東京府尋常中学(のちの東京府立一中、現東京都立日比谷高等学校)在学中から劇作家を志し、卒業後1890年、東京日日新聞入社。以来、中央新聞社、絵入日報社などを経て、1913年まで24年間を新聞記者として過ごす。日露戦争では従軍記者として満州にも滞在した。吉原芸妓をしていた宇和島藩士の娘の小島栄を落籍して結婚。
1913年以降は作家活動に専念し、新聞連載の長編小説や、探偵物、スリラー物を多く執筆。生涯に196篇の戯曲を残した。1916年には国民新聞、時事新報の2紙に新聞小説を同時に連載(『墨染』『絵絹』)。

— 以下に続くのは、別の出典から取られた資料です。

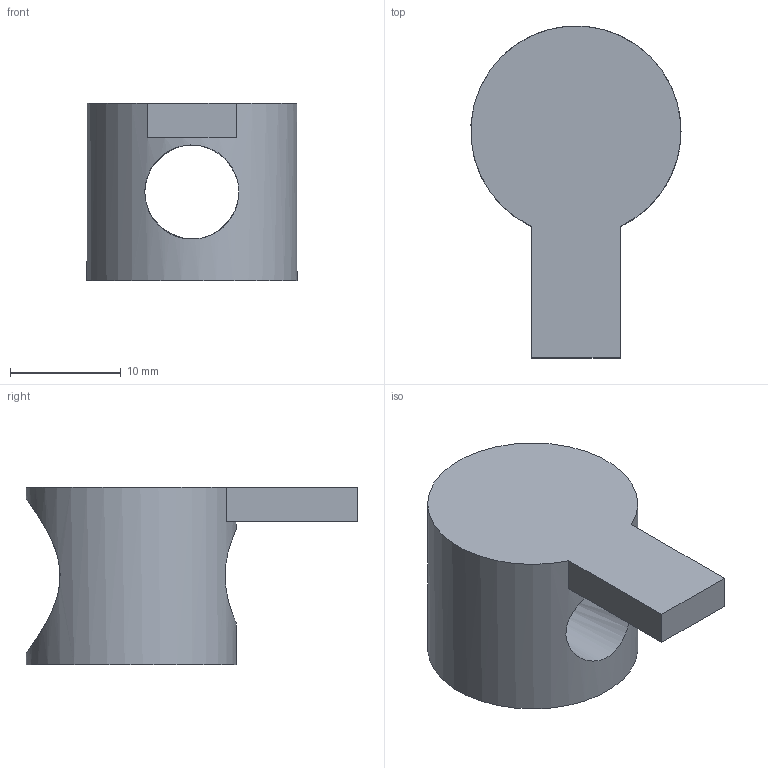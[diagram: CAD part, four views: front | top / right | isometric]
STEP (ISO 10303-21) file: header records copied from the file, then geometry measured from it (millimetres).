
FILE_DESCRIPTION((''),'2;1');
FILE_NAME('E:\catalogue and flyer\Profile catalogue 2015\Accessories JE info\Accessories-JE step file 31MAr16\JE-UJT20-8.stp','2016-04-07T11:44:18',('h029'),(''),'Autodesk Inventor 11','Autodesk Inventor 11','');
FILE_SCHEMA(('AUTOMOTIVE_DESIGN { 1 0 10303 214 1 1 1 1 }'));
Length unit declared in the file: millimetre
Products named in the file (1): JE-UJT20-8
Bounding box: 18.98 x 30 x 16 mm (x, y, z)
Volume: 2884.1 mm3; surface area: 2242.2 mm2
Topology: 1 solids, 1 shells, 11 faces, 28 edges, 19 vertices
Faces by surface type: plane 6, bspline 3, cone 1, cylinder 1
Full cylindrical faces by diameter (mm): 19 x1
Entity records: 472 total; most frequent: CARTESIAN_POINT 233, DIRECTION 40, ORIENTED_EDGE 38, EDGE_CURVE 19, EDGE_LOOP 18, AXIS2_PLACEMENT_3D 15, VERTEX_POINT 15, FACE_OUTER_BOUND 11
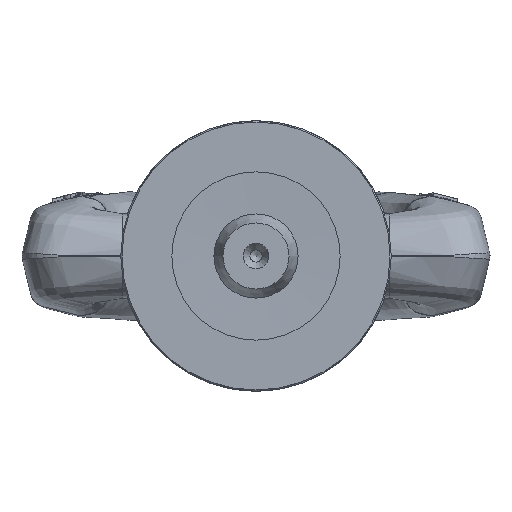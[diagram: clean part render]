
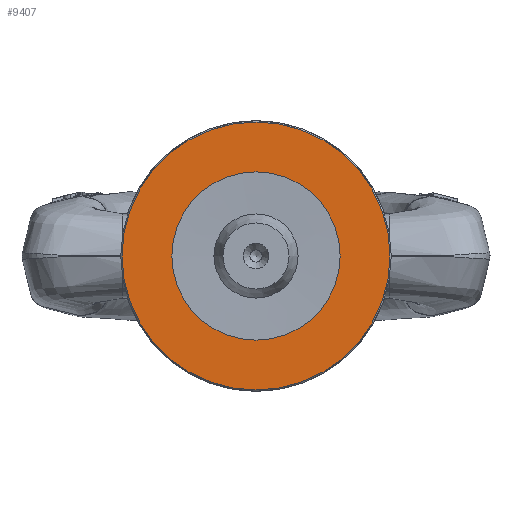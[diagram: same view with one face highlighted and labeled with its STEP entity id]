
A CAD part, front view. The second image highlights one B-rep face of the part: STEP entity #9407.
In plain terms, the highlighted planar face has unit normal (0, -1, 0) as drawn and (0, 0, -1) by its records, which use the part's own axes.
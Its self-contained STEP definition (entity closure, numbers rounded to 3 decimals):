
#912=FACE_BOUND('',#3426,.T.);
#2263=PLANE('',#10091);
#2804=FACE_OUTER_BOUND('',#3425,.T.);
#3425=EDGE_LOOP('',(#8814));
#3426=EDGE_LOOP('',(#8815));
#3647=CIRCLE('',#10088,22.3);
#3649=CIRCLE('',#10092,14.);
#4669=VERTEX_POINT('',#26843);
#4671=VERTEX_POINT('',#26849);
#6054=EDGE_CURVE('',#4669,#4669,#3647,.T.);
#6056=EDGE_CURVE('',#4671,#4671,#3649,.T.);
#8814=ORIENTED_EDGE('',*,*,#6054,.F.);
#8815=ORIENTED_EDGE('',*,*,#6056,.F.);
#9407=ADVANCED_FACE('',(#2804,#912),#2263,.F.);
#10088=AXIS2_PLACEMENT_3D('',#26844,#11799,#11800);
#10091=AXIS2_PLACEMENT_3D('',#26848,#11805,#11806);
#10092=AXIS2_PLACEMENT_3D('',#26850,#11807,#11808);
#11799=DIRECTION('center_axis',(0.,0.,1.));
#11800=DIRECTION('ref_axis',(-1.,0.,0.));
#11805=DIRECTION('center_axis',(0.,0.,1.));
#11806=DIRECTION('ref_axis',(1.,0.,0.));
#11807=DIRECTION('center_axis',(0.,0.,-1.));
#11808=DIRECTION('ref_axis',(-1.,0.,0.));
#26843=CARTESIAN_POINT('',(22.3,0.,0.));
#26844=CARTESIAN_POINT('Origin',(0.,0.,0.));
#26848=CARTESIAN_POINT('Origin',(0.,0.,0.));
#26849=CARTESIAN_POINT('',(14.,0.,0.));
#26850=CARTESIAN_POINT('Origin',(0.,0.,0.));
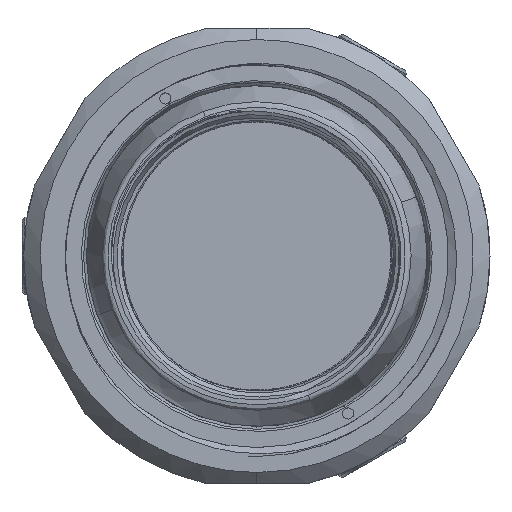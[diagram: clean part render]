
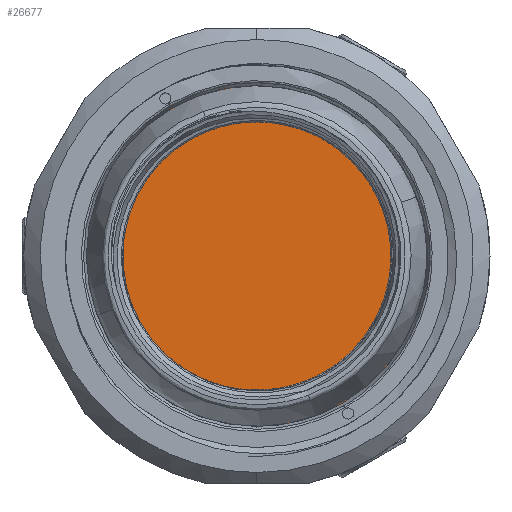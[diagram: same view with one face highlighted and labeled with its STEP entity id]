
A CAD part, front view. The second image highlights one B-rep face of the part: STEP entity #26677.
In plain terms, the highlighted planar face has unit normal (0, -1, 0).
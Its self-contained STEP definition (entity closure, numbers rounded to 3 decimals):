
#645 = DIRECTION ( 'NONE',  ( 0.865, 0., 0.502 ) ) ;
#1168 = PLANE ( 'NONE',  #18307 ) ;
#1274 = DIRECTION ( 'NONE',  ( 0., 1., 0. ) ) ;
#2481 = EDGE_CURVE ( 'NONE', #10049, #15636, #13167, .T. ) ;
#3710 = DIRECTION ( 'NONE',  ( 0., 1., 0. ) ) ;
#8879 = EDGE_LOOP ( 'NONE', ( #10199, #19082 ) ) ;
#10049 = VERTEX_POINT ( 'NONE', #11480 ) ;
#10199 = ORIENTED_EDGE ( 'NONE', *, *, #22815, .F. ) ;
#11480 = CARTESIAN_POINT ( 'NONE',  ( -13.463, 6.337, -7.813 ) ) ;
#13167 = CIRCLE ( 'NONE', #20669, 15.566 ) ;
#13331 = CARTESIAN_POINT ( 'NONE',  ( 0., 6.337, 0. ) ) ;
#14417 = CIRCLE ( 'NONE', #25620, 15.566 ) ;
#15636 = VERTEX_POINT ( 'NONE', #19723 ) ;
#17226 = DIRECTION ( 'NONE',  ( 0., 1., 0. ) ) ;
#18307 = AXIS2_PLACEMENT_3D ( 'NONE', #18483, #1274, #30165 ) ;
#18483 = CARTESIAN_POINT ( 'NONE',  ( 0., 6.337, 0. ) ) ;
#19082 = ORIENTED_EDGE ( 'NONE', *, *, #2481, .F. ) ;
#19723 = CARTESIAN_POINT ( 'NONE',  ( 13.463, 6.337, 7.813 ) ) ;
#20669 = AXIS2_PLACEMENT_3D ( 'NONE', #13331, #3710, #23051 ) ;
#22815 = EDGE_CURVE ( 'NONE', #15636, #10049, #14417, .T. ) ;
#23051 = DIRECTION ( 'NONE',  ( 0.865, 0., 0.502 ) ) ;
#24623 = FACE_OUTER_BOUND ( 'NONE', #8879, .T. ) ;
#25620 = AXIS2_PLACEMENT_3D ( 'NONE', #26957, #17226, #645 ) ;
#26677 = ADVANCED_FACE ( 'NONE', ( #24623 ), #1168, .F. ) ;
#26957 = CARTESIAN_POINT ( 'NONE',  ( 0., 6.337, 0. ) ) ;
#30165 = DIRECTION ( 'NONE',  ( 0., 0., 1. ) ) ;

同年、シャーロック・ホームズに影響を受け、日本最初の岡っ引捕り物小説『半七捕物帳』の執筆を開始、江戸情緒溢れる描写で長く人気を得た。怪奇ものでは、中国志怪小説や英米怪奇小説の翻案や、『世界怪談名作集』、『支那怪奇小説集』などの編訳もある。幼少期からの歌舞伎鑑賞を期した『ランプの下にて』は明治期歌舞伎の貴重な資料となっている。
1918年に欧米を訪問し、作風が変わったとも言われる。1923年9月1日関東大震災で麹町の自宅・蔵書(日記)を失い、門下の額田六福の家に身を寄せ、その後麻布、翌年百人町に移る。1930年には後進を育てるために月刊誌『舞台』を発刊、監修を務める。1937年には演劇界から初の芸術院会員となる。昭和10年頃からは小説(読物)や随筆は、散発的に『サンデー毎日』誌に書く巷談ぐらいになり、1937年『虎』が最後の読物となるが、戯曲は『舞台』誌で1938年まで発表を続けた。
1939年、目黒において肺炎で死去。青山墓地に葬られる。没後、元書生で養嗣子の岡本経一が綺堂作品の保存普及を目的として出版社「青蛙房」を創立した。現社長の岡本修一は綺堂の孫にあたる。
【半七捕物帳 概要】
かつて江戸の岡っ引として、幕末期までに数々の難事件・珍事件にかかわった半七老人を、明治時代に新聞記者の「わたし」が訪問し、茶飲み話のうちに手柄話や失敗談を聞きだすという構成で、旧幕時代の風俗を回顧しながら探偵小説としての謎解きのおもしろさを追求する趣向の小説である。本格推理、怪談風味、サスペンスなど物語の展開も多様である。何よりも古さを微塵も感じさせない引き締まった文章がすばらしく(解説者都筑道夫曰く「まるで今年書かれた小説のようだ」)、出来不出来がほとんど見られない(解説者北村薫曰く「全部をお読みくださいと言うほかない」)。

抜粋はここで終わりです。